A guard node is a node whose structured_output schema contains a boolean field named validation. When the LLM returns validation: false, the compiler aborts immediately — no downstream nodes execute. When it returns validation: true (or the field is absent), execution continues normally.

Guards are the idiomatic KeGAL pattern for content moderation, prompt injection prevention, input quality checks, and any other pre-flight validation step.


1. Basic: single guard

Add a structured_output block with a validation boolean and a prompt block — guard nodes must have a prompt.

models:
  - llm: "ollama"
    model: "qwen2.5:7b"
    host: "http://localhost:11434"

prompts:
  # 0 — guard: content moderation
  - template:
      system_template:
        role: |
          You are a content moderator.

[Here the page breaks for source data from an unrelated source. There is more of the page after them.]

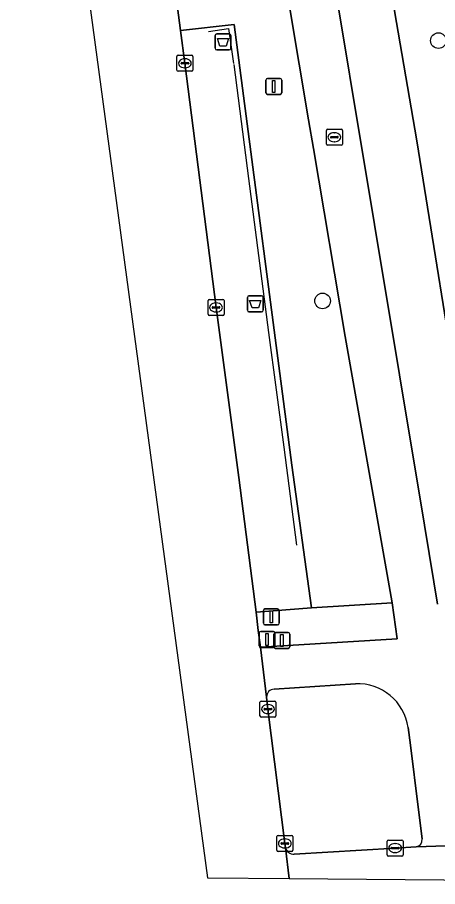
# Model space of a CAD drawing. Extents: x 161084 to 161928, y 385354 to 386522.
# Drawn here: x 161235.6 to 161261.9, y 385354.2 to 385408.5 of the extents above; entities that cross this region are included whole.
import ezdxf

# ---------------------------------------------------------------- set-up
doc = ezdxf.new("R2010")
doc.units = 0
for name, color, linetype in [('IMGEO_Afvalbak', 7, 'Continuous'), ('IMGEO_Berm_groen', 7, 'Continuous'), ('IMGEO_Boom', 7, 'Continuous'), ('IMGEO_Drukknoppaal', 7, 'Continuous'), ('IMGEO_Fietspad_gesloten', 7, 'Continuous'), ('IMGEO_Groenvoorziening', 7, 'Continuous'), ('IMGEO_Hek', 7, 'Continuous'), ('IMGEO_Kolk', 7, 'Continuous'), ('IMGEO_Lichtmast', 7, 'Continuous'), ('IMGEO_OVBaan_gesloten', 7, 'Continuous'), ('IMGEO_Rijbaan_lokaal_gesloten', 7, 'Continuous'), ('IMGEO_Rioolput', 7, 'Continuous'), ('IMGEO_Verkeerseiland_groen', 7, 'Continuous'), ('IMGEO_Verkeersregelinstallatiepaal', 7, 'Continuous'), ('IMGEO_Voetpad_open', 7, 'Continuous')]:
    doc.layers.add(name, color=color, linetype=linetype)

msp = doc.modelspace()

# ---------------------------------------------------------------- linework, layer by layer
at = {"layer": 'IMGEO_Afvalbak'}
for p, q in [((161248.013, 385406.587), (161248.013, 385407.387)), ((161248.013, 385407.387), (161248.013, 385406.587)), ((161248.113, 385407.487), (161248.903, 385407.487)), ((161248.903, 385407.487), (161248.113, 385407.487)), ((161249.003, 385407.387), (161249.003, 385406.587)), ((161249.003, 385406.587), (161249.003, 385407.387)), ((161248.903, 385406.487), (161248.113, 385406.487)), ((161248.113, 385406.487), (161248.903, 385406.487)), ((161250.131, 385391.108), (161250.921, 385391.108)), ((161250.921, 385391.108), (161250.131, 385391.108)), ((161250.031, 385390.208), (161250.031, 385391.008)), ((161250.031, 385391.008), (161250.031, 385390.208)), ((161251.021, 385391.008), (161251.021, 385390.208)), ((161251.021, 385390.208), (161251.021, 385391.008)), ((161250.921, 385390.108), (161250.131, 385390.108)), ((161250.131, 385390.108), (161250.921, 385390.108))]:
    msp.add_line(p, q, dxfattribs=at)
for points in [[(161248.156, 385407.201), (161248.86, 385407.201), (161248.711, 385406.731), (161248.305, 385406.731), (161248.156, 385407.201)], [(161250.174, 385390.822), (161250.878, 385390.822), (161250.729, 385390.352), (161250.323, 385390.352), (161250.174, 385390.822)]]:
    msp.add_lwpolyline(points, dxfattribs=at)
for centre, start, end in [((161248.113, 385407.387), 90, 180), ((161248.113, 385407.387), 90, 180), ((161248.903, 385407.387), 0, 90), ((161248.903, 385407.387), 360, 90), ((161248.113, 385406.587), 180, 270), ((161248.113, 385406.587), 180, 270), ((161248.903, 385406.587), 270, 0), ((161248.903, 385406.587), 270, 0), ((161250.131, 385391.008), 90, 180), ((161250.131, 385391.008), 90, 180), ((161250.921, 385391.008), 0, 90), ((161250.921, 385391.008), 360, 90), ((161250.131, 385390.208), 180, 270), ((161250.131, 385390.208), 180, 270), ((161250.921, 385390.208), 270, 0), ((161250.921, 385390.208), 270, 0)]:
    msp.add_arc(centre, 0.1, start, end, dxfattribs=at)
at = {"layer": 'IMGEO_Berm_groen'}
msp.add_lwpolyline([(161205.243, 385715.237), (161205.538, 385713.078), (161208.061, 385693.766), (161210.493, 385675.4), (161213.137, 385655.09), (161215.622, 385635.788), (161218.115, 385616.778), (161226.405, 385554.794), (161226.701, 385552.542), (161237.22, 385473.071), (161239.042, 385459.421), (161241.372, 385441.081), (161244.152, 385420.707), (161245.842, 385407.69), (161249.215, 385408.074), (161252.82, 385380.525), (161254.04, 385371.605), (161259.098, 385371.912), (161256.159, 385388.557), (161254.177, 385400.327), (161253.858, 385402.114), (161250.989, 385419.281), (161250.47, 385422.44), (161248.738, 385432.968)], dxfattribs=at)
at = {"layer": 'IMGEO_Boom'}
for centre in [(161261.99, 385407.066), (161254.737, 385390.789)]:
    msp.add_circle(centre, 0.489, dxfattribs=at)
at = {"layer": 'IMGEO_Drukknoppaal'}
for p, q in [((161251.693, 385369.161), (161251.693, 385369.961)), ((161251.693, 385369.961), (161251.693, 385369.161)), ((161251.793, 385370.061), (161252.583, 385370.061)), ((161252.583, 385370.061), (161251.793, 385370.061)), ((161252.683, 385369.961), (161252.683, 385369.161)), ((161252.683, 385369.161), (161252.683, 385369.961)), ((161252.583, 385369.061), (161251.793, 385369.061)), ((161251.793, 385369.061), (161252.583, 385369.061))]:
    msp.add_line(p, q, dxfattribs=at)
msp.add_lwpolyline([(161252.113, 385369.936), (161252.263, 385369.936), (161252.263, 385369.186), (161252.113, 385369.186), (161252.113, 385369.936)], dxfattribs=at)
for centre, start, end in [((161251.793, 385369.961), 90, 180), ((161251.793, 385369.961), 90, 180), ((161252.583, 385369.961), 0, 90), ((161252.583, 385369.961), 360, 90), ((161251.793, 385369.161), 180, 270), ((161251.793, 385369.161), 180, 270), ((161252.583, 385369.161), 270, 0), ((161252.583, 385369.161), 270, 0)]:
    msp.add_arc(centre, 0.1, start, end, dxfattribs=at)
at = {"layer": 'IMGEO_Fietspad_gesloten'}
for points in [[(161261.939, 385371.83), (161261.708, 385373.229), (161261.121, 385376.774), (161251.747, 385433.067), (161251.01, 385436.86), (161250.012, 385441.75), (161248.719, 385447.607), (161246.11, 385458.67)], [(161248.738, 385432.968), (161250.47, 385422.44), (161250.989, 385419.281), (161253.858, 385402.114), (161254.177, 385400.327), (161256.159, 385388.557), (161259.098, 385371.912), (161259.408, 385369.667), (161250.853, 385369.138), (161251.24, 385366.017)], [(161260.6, 385356.653), (161263.684, 385356.765), (161262.512, 385366.294), (161265.95, 385365.39), (161270.081, 385364.315), (161281.74, 385361.288), (161285.818, 385360.193), (161286.559, 385360.019), (161286.602, 385360.009), (161286.612, 385360.011), (161292.857, 385361.465), (161287.826, 385362.842), (161267.28, 385368.215), (161265.278, 385368.72)], [(161251.7, 385366.514), (161256.791, 385366.846)], [(161260.087, 385364.109), (161260.242, 385363.004), (161260.721, 385359.126), (161260.977, 385357.147)]]:
    msp.add_lwpolyline(points, dxfattribs=at)
for centre, radius, start, end in [((161256.947, 385363.681), 3.169, 7.7693, 92.8182), ((161251.705, 385366.048), 0.466, 90.661, 183.7672), ((161260.503, 385357.118), 0.475, 281.7758, 3.5255)]:
    msp.add_arc(centre, radius, start, end, dxfattribs=at)
at = {"layer": 'IMGEO_Groenvoorziening'}
msp.add_lwpolyline([(161257.619, 385418.421), (161260.645, 385400.791), (161263.535, 385382.785)], dxfattribs=at)
at = {"layer": 'IMGEO_Hek'}
for points in [[(161247.596, 385407.648), (161248.848, 385407.833), (161249.164, 385405.647)], [(161249.192, 385405.579), (161250.1, 385398.445), (161251.348, 385388.811)], [(161251.348, 385388.811), (161252.323, 385381.655), (161253.102, 385375.511)]]:
    msp.add_lwpolyline(points, dxfattribs=at)
at = {"layer": 'IMGEO_Kolk'}
for p, q in [((161245.623, 385405.223), (161245.623, 385406.075)), ((161245.698, 385406.149), (161246.55, 385406.149)), ((161246.111, 385405.929), (161246.136, 385405.929)), ((161246.624, 385406.075), (161246.624, 385405.223)), ((161245.882, 385405.643), (161245.882, 385405.655)), ((161246.32, 385405.606), (161245.922, 385405.606)), ((161245.925, 385405.692), (161246.323, 385405.692)), ((161246.134, 385405.369), (161246.109, 385405.369)), ((161246.366, 385405.655), (161246.366, 385405.643)), ((161246.55, 385405.149), (161245.698, 385405.149)), ((161247.573, 385389.956), (161247.573, 385390.808)), ((161247.648, 385390.882), (161248.5, 385390.882)), ((161248.061, 385390.662), (161248.086, 385390.662)), ((161248.574, 385390.808), (161248.574, 385389.956)), ((161247.832, 385390.376), (161247.832, 385390.388)), ((161248.27, 385390.339), (161247.872, 385390.339)), ((161247.875, 385390.425), (161248.273, 385390.425)), ((161248.084, 385390.102), (161248.059, 385390.102)), ((161248.316, 385390.388), (161248.316, 385390.376)), ((161248.5, 385389.882), (161247.648, 385389.882)), ((161250.822, 385364.845), (161250.822, 385365.697)), ((161250.897, 385365.771), (161251.749, 385365.771)), ((161251.31, 385365.551), (161251.335, 385365.551)), ((161251.823, 385365.697), (161251.823, 385364.845)), ((161251.081, 385365.265), (161251.081, 385365.277)), ((161251.519, 385365.228), (161251.121, 385365.228)), ((161251.124, 385365.314), (161251.522, 385365.314)), ((161251.333, 385364.991), (161251.308, 385364.991)), ((161251.565, 385365.277), (161251.565, 385365.265)), ((161251.749, 385364.771), (161250.897, 385364.771)), ((161251.951, 385357.366), (161252.803, 385357.366)), ((161251.876, 385356.44), (161251.876, 385357.292)), ((161252.135, 385356.86), (161252.135, 385356.872)), ((161252.573, 385356.823), (161252.175, 385356.823)), ((161252.178, 385356.909), (161252.576, 385356.909)), ((161252.364, 385357.146), (161252.389, 385357.146)), ((161252.619, 385356.872), (161252.619, 385356.86)), ((161252.877, 385357.292), (161252.877, 385356.44)), ((161258.78, 385356.155), (161258.78, 385357.007)), ((161258.855, 385357.081), (161259.707, 385357.081)), ((161259.268, 385356.861), (161259.293, 385356.861)), ((161259.781, 385357.007), (161259.781, 385356.155)), ((161252.803, 385356.366), (161251.951, 385356.366)), ((161252.387, 385356.586), (161252.362, 385356.586)), ((161259.039, 385356.575), (161259.039, 385356.587)), ((161259.477, 385356.538), (161259.079, 385356.538)), ((161259.082, 385356.624), (161259.48, 385356.624)), ((161259.291, 385356.301), (161259.266, 385356.301)), ((161259.523, 385356.587), (161259.523, 385356.575)), ((161259.707, 385356.081), (161258.855, 385356.081))]:
    msp.add_line(p, q, dxfattribs=at)
for points in [[(161245.623, 385405.223), (161245.623, 385406.075)], [(161245.698, 385406.149), (161246.55, 385406.149)], [(161246.624, 385406.075), (161246.624, 385405.223)], [(161246.55, 385405.149), (161245.698, 385405.149)], [(161247.573, 385389.956), (161247.573, 385390.808)], [(161247.648, 385390.882), (161248.5, 385390.882)], [(161248.574, 385390.808), (161248.574, 385389.956)], [(161248.5, 385389.882), (161247.648, 385389.882)], [(161250.822, 385364.845), (161250.822, 385365.697)], [(161250.897, 385365.771), (161251.749, 385365.771)], [(161251.823, 385365.697), (161251.823, 385364.845)], [(161251.749, 385364.771), (161250.897, 385364.771)], [(161251.951, 385357.366), (161252.803, 385357.366)], [(161251.876, 385356.44), (161251.876, 385357.292)], [(161252.877, 385357.292), (161252.877, 385356.44)], [(161258.78, 385356.155), (161258.78, 385357.007)], [(161258.855, 385357.081), (161259.707, 385357.081)], [(161259.781, 385357.007), (161259.781, 385356.155)], [(161252.803, 385356.366), (161251.951, 385356.366)], [(161259.707, 385356.081), (161258.855, 385356.081)]]:
    msp.add_lwpolyline(points, dxfattribs=at)
for centre, radius, start, end in [((161245.7, 385406.073), 0.0765, 91.552, 178.448), ((161245.7, 385406.073), 0.0765, 91.552, 178.448), ((161246.548, 385406.073), 0.0765, 1.552, 88.448), ((161246.548, 385406.073), 0.0765, 1.552, 88.448), ((161245.7, 385405.225), 0.0765, 181.552, 268.448), ((161245.7, 385405.225), 0.0765, 181.552, 268.448), ((161245.922, 385405.652), 0.0403, 85.8775, 175.7526), ((161245.919, 385405.642), 0.0366, 178.938, 274.7102), ((161246.323, 385405.649), 0.043, 264.8664, 352.4533), ((161246.327, 385405.654), 0.0386, 1.7309, 96.639), ((161246.548, 385405.225), 0.0765, 271.552, 358.448), ((161246.548, 385405.225), 0.0765, 271.552, 358.448), ((161247.65, 385390.806), 0.0765, 91.552, 178.448), ((161247.65, 385390.806), 0.0765, 91.552, 178.448), ((161248.498, 385390.806), 0.0765, 1.552, 88.448), ((161248.498, 385390.806), 0.0765, 1.552, 88.448), ((161247.65, 385389.958), 0.0765, 181.552, 268.448), ((161247.65, 385389.958), 0.0765, 181.552, 268.448), ((161247.872, 385390.385), 0.0403, 85.8775, 175.7526), ((161247.869, 385390.375), 0.0366, 178.938, 274.7102), ((161248.273, 385390.382), 0.043, 264.8664, 352.4533), ((161248.277, 385390.387), 0.0386, 1.7309, 96.639), ((161248.498, 385389.958), 0.0765, 271.552, 358.448), ((161248.498, 385389.958), 0.0765, 271.552, 358.448), ((161250.899, 385365.695), 0.0765, 91.552, 178.448), ((161250.899, 385365.695), 0.0765, 91.552, 178.448), ((161251.747, 385365.695), 0.0765, 1.552, 88.448), ((161251.747, 385365.695), 0.0765, 1.552, 88.448), ((161251.121, 385365.274), 0.0403, 85.8775, 175.7526), ((161251.118, 385365.264), 0.0366, 178.938, 274.7102), ((161251.522, 385365.271), 0.043, 264.8664, 352.4533), ((161251.526, 385365.276), 0.0386, 1.7309, 96.639), ((161250.899, 385364.847), 0.0765, 181.552, 268.448), ((161250.899, 385364.847), 0.0765, 181.552, 268.448), ((161251.747, 385364.847), 0.0765, 271.552, 358.448), ((161251.747, 385364.847), 0.0765, 271.552, 358.448), ((161251.953, 385357.29), 0.0765, 91.552, 178.448), ((161251.953, 385357.29), 0.0765, 91.552, 178.448), ((161252.801, 385357.29), 0.0765, 1.552, 88.448), ((161252.801, 385357.29), 0.0765, 1.552, 88.448), ((161252.175, 385356.869), 0.0403, 85.8775, 175.7526), ((161252.172, 385356.859), 0.0366, 178.938, 274.7102), ((161252.576, 385356.866), 0.043, 264.8664, 352.4533), ((161252.58, 385356.871), 0.0386, 1.7309, 96.639), ((161258.857, 385357.005), 0.0765, 91.552, 178.448), ((161258.857, 385357.005), 0.0765, 91.552, 178.448), ((161259.705, 385357.005), 0.0765, 1.552, 88.448), ((161259.705, 385357.005), 0.0765, 1.552, 88.448), ((161251.953, 385356.442), 0.0765, 181.552, 268.448), ((161251.953, 385356.442), 0.0765, 181.552, 268.448), ((161252.801, 385356.442), 0.0765, 271.552, 358.448), ((161252.801, 385356.442), 0.0765, 271.552, 358.448), ((161259.079, 385356.584), 0.0403, 85.8775, 175.7526), ((161259.076, 385356.574), 0.0366, 178.938, 274.7102), ((161259.48, 385356.581), 0.043, 264.8664, 352.4533), ((161259.484, 385356.586), 0.0386, 1.7309, 96.639), ((161258.857, 385356.157), 0.0765, 181.552, 268.448), ((161258.857, 385356.157), 0.0765, 181.552, 268.448), ((161259.705, 385356.157), 0.0765, 271.552, 358.448), ((161259.705, 385356.157), 0.0765, 271.552, 358.448)]:
    msp.add_arc(centre, radius, start, end, dxfattribs=at)
for centre, major_axis, ratio, start_param, end_param in [((161246.11, 385405.649), (-0.387, 0.002), 0.722429, 4.712389, 7.853982), ((161246.135, 385405.649), (-0.39, 0.002), 0.717154, 1.570796, 4.712389), ((161248.06, 385390.382), (-0.387, 0.002), 0.722429, 4.712389, 7.853982), ((161248.085, 385390.382), (-0.39, 0.002), 0.717154, 1.570796, 4.712389), ((161251.309, 385365.271), (-0.387, 0.002), 0.722429, 4.712389, 7.853982), ((161251.334, 385365.271), (-0.39, 0.002), 0.717154, 1.570796, 4.712389), ((161252.363, 385356.866), (-0.387, 0.002), 0.722429, 4.712389, 7.853982), ((161252.388, 385356.866), (-0.39, 0.002), 0.717154, 1.570796, 4.712389), ((161259.267, 385356.581), (-0.387, 0.002), 0.722429, 4.712389, 7.853982), ((161259.292, 385356.581), (-0.39, 0.002), 0.717154, 1.570796, 4.712389)]:
    msp.add_ellipse(centre, major_axis=major_axis, ratio=ratio, start_param=start_param, end_param=end_param, dxfattribs=at)
at = {"layer": 'IMGEO_Lichtmast'}
for p, q in [((161251.292, 385404.702), (161252.082, 385404.702)), ((161252.082, 385404.702), (161251.292, 385404.702)), ((161251.192, 385403.802), (161251.192, 385404.602)), ((161251.192, 385404.602), (161251.192, 385403.802)), ((161252.182, 385404.602), (161252.182, 385403.802)), ((161252.182, 385403.802), (161252.182, 385404.602)), ((161252.082, 385403.702), (161251.292, 385403.702)), ((161251.292, 385403.702), (161252.082, 385403.702))]:
    msp.add_line(p, q, dxfattribs=at)
msp.add_lwpolyline([(161251.612, 385404.577), (161251.762, 385404.577), (161251.762, 385403.827), (161251.612, 385403.827), (161251.612, 385404.577)], dxfattribs=at)
for centre, start, end in [((161251.292, 385404.602), 90, 180), ((161251.292, 385404.602), 90, 180), ((161252.082, 385404.602), 0, 90), ((161252.082, 385404.602), 360, 90), ((161251.292, 385403.802), 180, 270), ((161251.292, 385403.802), 180, 270), ((161252.082, 385403.802), 270, 0), ((161252.082, 385403.802), 270, 0)]:
    msp.add_arc(centre, 0.1, start, end, dxfattribs=at)
at = {"layer": 'IMGEO_OVBaan_gesloten'}
msp.add_lwpolyline([(161220.927, 385551.802), (161247.533, 385354.716), (161252.644, 385354.672), (161252.414, 385356.596), (161252.377, 385356.866), (161251.323, 385365.271), (161251.24, 385366.017), (161250.853, 385369.138), (161250.718, 385370.181), (161250.582, 385371.327), (161249.491, 385379.753), (161248.074, 385390.382), (161246.124, 385405.649), (161245.842, 385407.69), (161244.152, 385420.707), (161241.372, 385441.081), (161239.042, 385459.421), (161237.22, 385473.071), (161226.701, 385552.542)], close=True, dxfattribs=at)
at = {"layer": 'IMGEO_Rijbaan_lokaal_gesloten'}
for points in [[(161286.389, 385357.981), (161285.561, 385357.953), (161284.784, 385357.904), (161275.28, 385357.398), (161268.296, 385357.032), (161266.971, 385356.96), (161265.525, 385356.895), (161263.684, 385356.765), (161260.6, 385356.653), (161259.281, 385356.581), (161252.963, 385356.198)], [(161252.414, 385356.596), (161252.644, 385354.672), (161310.703, 385354.168), (161370.581, 385357.274), (161370.865, 385357.424)]]:
    msp.add_lwpolyline(points, dxfattribs=at)
msp.add_arc((161252.944, 385356.749), 0.551, 196.1152, 272.004, dxfattribs=at)
at = {"layer": 'IMGEO_Rioolput'}
for p, q in [((161254.977, 385400.602), (161254.977, 385401.454)), ((161255.052, 385401.528), (161255.904, 385401.528)), ((161255.978, 385401.454), (161255.978, 385400.602)), ((161255.236, 385401.022), (161255.236, 385401.034)), ((161255.674, 385400.985), (161255.276, 385400.985)), ((161255.279, 385401.071), (161255.677, 385401.071)), ((161255.465, 385401.308), (161255.49, 385401.308)), ((161255.72, 385401.034), (161255.72, 385401.022)), ((161255.904, 385400.528), (161255.052, 385400.528)), ((161255.488, 385400.748), (161255.463, 385400.748))]:
    msp.add_line(p, q, dxfattribs=at)
for points in [[(161254.977, 385400.602), (161254.977, 385401.454)], [(161255.052, 385401.528), (161255.904, 385401.528)], [(161255.978, 385401.454), (161255.978, 385400.602)], [(161255.904, 385400.528), (161255.052, 385400.528)]]:
    msp.add_lwpolyline(points, dxfattribs=at)
for centre, radius, start, end in [((161255.054, 385401.452), 0.0765, 91.552, 178.448), ((161255.054, 385401.452), 0.0765, 91.552, 178.448), ((161255.902, 385401.452), 0.0765, 1.552, 88.448), ((161255.902, 385401.452), 0.0765, 1.552, 88.448), ((161255.276, 385401.031), 0.0403, 85.8775, 175.7526), ((161255.273, 385401.021), 0.0366, 178.938, 274.7102), ((161255.677, 385401.028), 0.043, 264.8664, 352.4533), ((161255.681, 385401.033), 0.0386, 1.7309, 96.639), ((161255.054, 385400.604), 0.0765, 181.552, 268.448), ((161255.054, 385400.604), 0.0765, 181.552, 268.448), ((161255.902, 385400.604), 0.0765, 271.552, 358.448), ((161255.902, 385400.604), 0.0765, 271.552, 358.448)]:
    msp.add_arc(centre, radius, start, end, dxfattribs=at)
for centre, major_axis, ratio, start_param, end_param in [((161255.464, 385401.028), (-0.387, 0.002), 0.722429, 4.712389, 7.853982), ((161255.489, 385401.028), (-0.39, 0.002), 0.717154, 1.570796, 4.712389)]:
    msp.add_ellipse(centre, major_axis=major_axis, ratio=ratio, start_param=start_param, end_param=end_param, dxfattribs=at)
at = {"layer": 'IMGEO_Verkeerseiland_groen'}
for points in [[(161256.791, 385366.846), (161251.7, 385366.514)], [(161251.24, 385366.017), (161251.323, 385365.271), (161252.377, 385356.866), (161252.414, 385356.596)], [(161260.977, 385357.147), (161260.721, 385359.126), (161260.242, 385363.004), (161260.087, 385364.109)], [(161252.963, 385356.198), (161259.281, 385356.581), (161260.6, 385356.653)]]:
    msp.add_lwpolyline(points, dxfattribs=at)
for centre, radius, start, end in [((161256.947, 385363.681), 3.169, 7.7693, 92.8182), ((161251.705, 385366.048), 0.466, 90.661, 183.7672), ((161260.503, 385357.118), 0.475, 281.7758, 3.5255), ((161252.944, 385356.749), 0.551, 196.1152, 272.004)]:
    msp.add_arc(centre, radius, start, end, dxfattribs=at)
at = {"layer": 'IMGEO_Verkeersregelinstallatiepaal'}
for p, q in [((161251.132, 385371.534), (161251.922, 385371.534)), ((161251.922, 385371.534), (161251.132, 385371.534)), ((161251.032, 385370.634), (161251.032, 385371.434)), ((161251.032, 385371.434), (161251.032, 385370.634)), ((161252.022, 385371.434), (161252.022, 385370.634)), ((161252.022, 385370.634), (161252.022, 385371.434)), ((161251.922, 385370.534), (161251.132, 385370.534)), ((161251.132, 385370.534), (161251.922, 385370.534)), ((161250.772, 385369.22), (161250.772, 385370.02)), ((161250.772, 385370.02), (161250.772, 385369.22)), ((161250.872, 385370.12), (161251.662, 385370.12)), ((161251.662, 385370.12), (161250.872, 385370.12)), ((161251.762, 385370.02), (161251.762, 385369.22)), ((161251.762, 385369.22), (161251.762, 385370.02)), ((161251.662, 385369.12), (161250.872, 385369.12)), ((161250.872, 385369.12), (161251.662, 385369.12))]:
    msp.add_line(p, q, dxfattribs=at)
for points in [[(161251.452, 385371.409), (161251.602, 385371.409), (161251.602, 385370.659), (161251.452, 385370.659), (161251.452, 385371.409)], [(161251.192, 385369.995), (161251.342, 385369.995), (161251.342, 385369.245), (161251.192, 385369.245), (161251.192, 385369.995)]]:
    msp.add_lwpolyline(points, dxfattribs=at)
for centre, start, end in [((161251.132, 385371.434), 90, 180), ((161251.132, 385371.434), 90, 180), ((161251.922, 385371.434), 0, 90), ((161251.922, 385371.434), 360, 90), ((161251.132, 385370.634), 180, 270), ((161251.132, 385370.634), 180, 270), ((161251.922, 385370.634), 270, 0), ((161251.922, 385370.634), 270, 0), ((161250.872, 385370.02), 90, 180), ((161250.872, 385370.02), 90, 180), ((161251.662, 385370.02), 0, 90), ((161251.662, 385370.02), 360, 90), ((161250.872, 385369.22), 180, 270), ((161250.872, 385369.22), 180, 270), ((161251.662, 385369.22), 270, 0), ((161251.662, 385369.22), 270, 0)]:
    msp.add_arc(centre, 0.1, start, end, dxfattribs=at)
at = {"layer": 'IMGEO_Voetpad_open'}
for points in [[(161239.748, 385546.589), (161236.498, 385546.189), (161238.063, 385534.381), (161238.25, 385531.707), (161240.162, 385518.052), (161240.406, 385515.739), (161242.543, 385499.354), (161242.894, 385496.715), (161244.69, 385483.009), (161245.058, 385480.755), (161247.973, 385459.037), (161246.11, 385458.67), (161248.719, 385447.607), (161250.012, 385441.75), (161251.01, 385436.86), (161251.747, 385433.067), (161261.121, 385376.774), (161261.708, 385373.229), (161261.939, 385371.83)], [(161264.835, 385373.925), (161264.496, 385375.648), (161263.535, 385382.77), (161263.535, 385382.785), (161260.645, 385400.791), (161257.619, 385418.421), (161257.613, 385418.443), (161256.938, 385422.597), (161253.53, 385442.999), (161253.495, 385443.122), (161252.465, 385450.476)]]:
    msp.add_lwpolyline(points, dxfattribs=at)
for points in [[(161245.842, 385407.69), (161246.124, 385405.649), (161248.074, 385390.382), (161249.491, 385379.753), (161250.582, 385371.327), (161254.04, 385371.605), (161252.82, 385380.525), (161249.215, 385408.074)], [(161259.098, 385371.912), (161254.04, 385371.605), (161250.582, 385371.327), (161250.718, 385370.181), (161250.853, 385369.138), (161259.408, 385369.667)]]:
    msp.add_lwpolyline(points, close=True, dxfattribs=at)

doc.saveas('drawing.dxf')

Determine whether the user message
          is appropriate for a professional business setting.
          Return validation: true if appropriate, false otherwise.
      prompt_template:
        message: |
          {user_message}

  # 1 — main node (only runs if guard passes)
  - template:
      system_template:
        role: You are a helpful business assistant.
      prompt_template:
        request: "{user_message}"

nodes:
  - id: "moderation_guard"
    model: 0
    temperature: 0.0
    max_tokens: 128
    show: false
    prompt:
      template: 0
      user_message: true
    structured_output:
      description: "Content appropriateness check"
      parameters:
        validation:
          type: "boolean"
          description: "true if the message is appropriate, false otherwise."
        reason:
          type: "string"
          description: "Brief explanation of the decision."
      required: ["validation", "reason"]

  - id: "assistant"
    model: 0
    temperature: 0.5
    max_tokens: 512
    show: true
    prompt:
      template: 1
      user_message: true

edges:
  - node: "moderation_guard"
  - node: "assistant"
from kegal import Compiler

with Compiler(uri="guarded_graph.yml") as compiler:
    compiler.user_message = "Help me draft a quarterly report."
    compiler.compile()

    outputs = compiler.get_outputs()
    executed = {n.node_id for n in outputs.nodes}

    if "assistant" in executed:
        print(outputs.nodes[-1].response.messages[0])
    else:
        # guard fired — check why
        guard = next(n for n in outputs.nodes if n.node_id == "moderation_guard")
        print("Blocked:", guard.response.json_output["reason"])

Automatic placement: a guard node does not need to appear before the main node in edges. KeGAL automatically inserts it as a barrier: every non-guard node depends on it regardless of edge order.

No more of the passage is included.